··· Recorded information ···

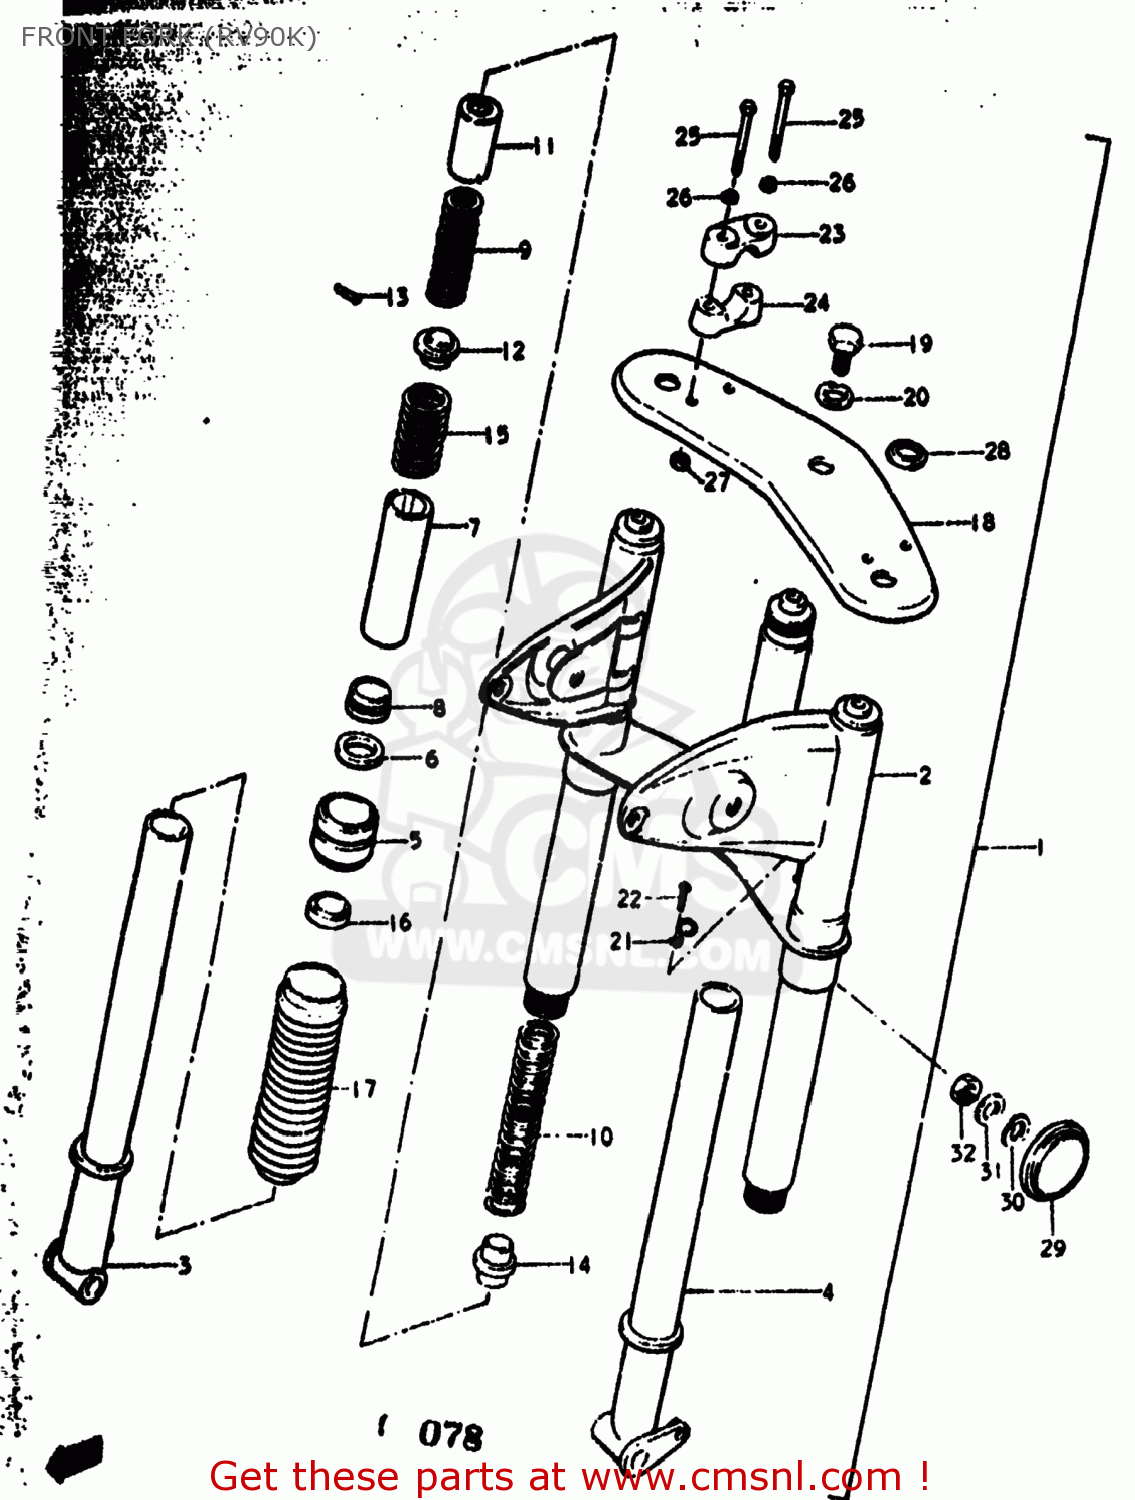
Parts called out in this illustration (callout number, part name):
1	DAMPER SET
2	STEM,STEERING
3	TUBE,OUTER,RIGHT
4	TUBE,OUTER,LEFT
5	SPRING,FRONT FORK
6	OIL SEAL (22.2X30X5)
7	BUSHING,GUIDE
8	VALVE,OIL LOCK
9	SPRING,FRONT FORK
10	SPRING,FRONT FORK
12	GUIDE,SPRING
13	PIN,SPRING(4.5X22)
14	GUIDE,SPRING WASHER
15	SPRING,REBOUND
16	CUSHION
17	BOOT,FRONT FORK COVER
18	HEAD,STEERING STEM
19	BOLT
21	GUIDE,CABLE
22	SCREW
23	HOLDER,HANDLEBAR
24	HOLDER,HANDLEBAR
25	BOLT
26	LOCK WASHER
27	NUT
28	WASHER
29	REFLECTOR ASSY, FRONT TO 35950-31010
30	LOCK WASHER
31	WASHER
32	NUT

···

Problem requirements ▸ Pictures in the records above are left out; print everything else exactly as written.

Response ▸
Parts called out in this illustration (callout number, part name):
1	DAMPER SET
2	STEM,STEERING
3	TUBE,OUTER,RIGHT
4	TUBE,OUTER,LEFT
5	SPRING,FRONT FORK
6	OIL SEAL (22.2X30X5)
7	BUSHING,GUIDE
8	VALVE,OIL LOCK
9	SPRING,FRONT FORK
10	SPRING,FRONT FORK
12	GUIDE,SPRING
13	PIN,SPRING(4.5X22)
14	GUIDE,SPRING WASHER
15	SPRING,REBOUND
16	CUSHION
17	BOOT,FRONT FORK COVER
18	HEAD,STEERING STEM
19	BOLT
21	GUIDE,CABLE
22	SCREW
23	HOLDER,HANDLEBAR
24	HOLDER,HANDLEBAR
25	BOLT
26	LOCK WASHER
27	NUT
28	WASHER
29	REFLECTOR ASSY, FRONT TO 35950-31010
30	LOCK WASHER
31	WASHER
32	NUT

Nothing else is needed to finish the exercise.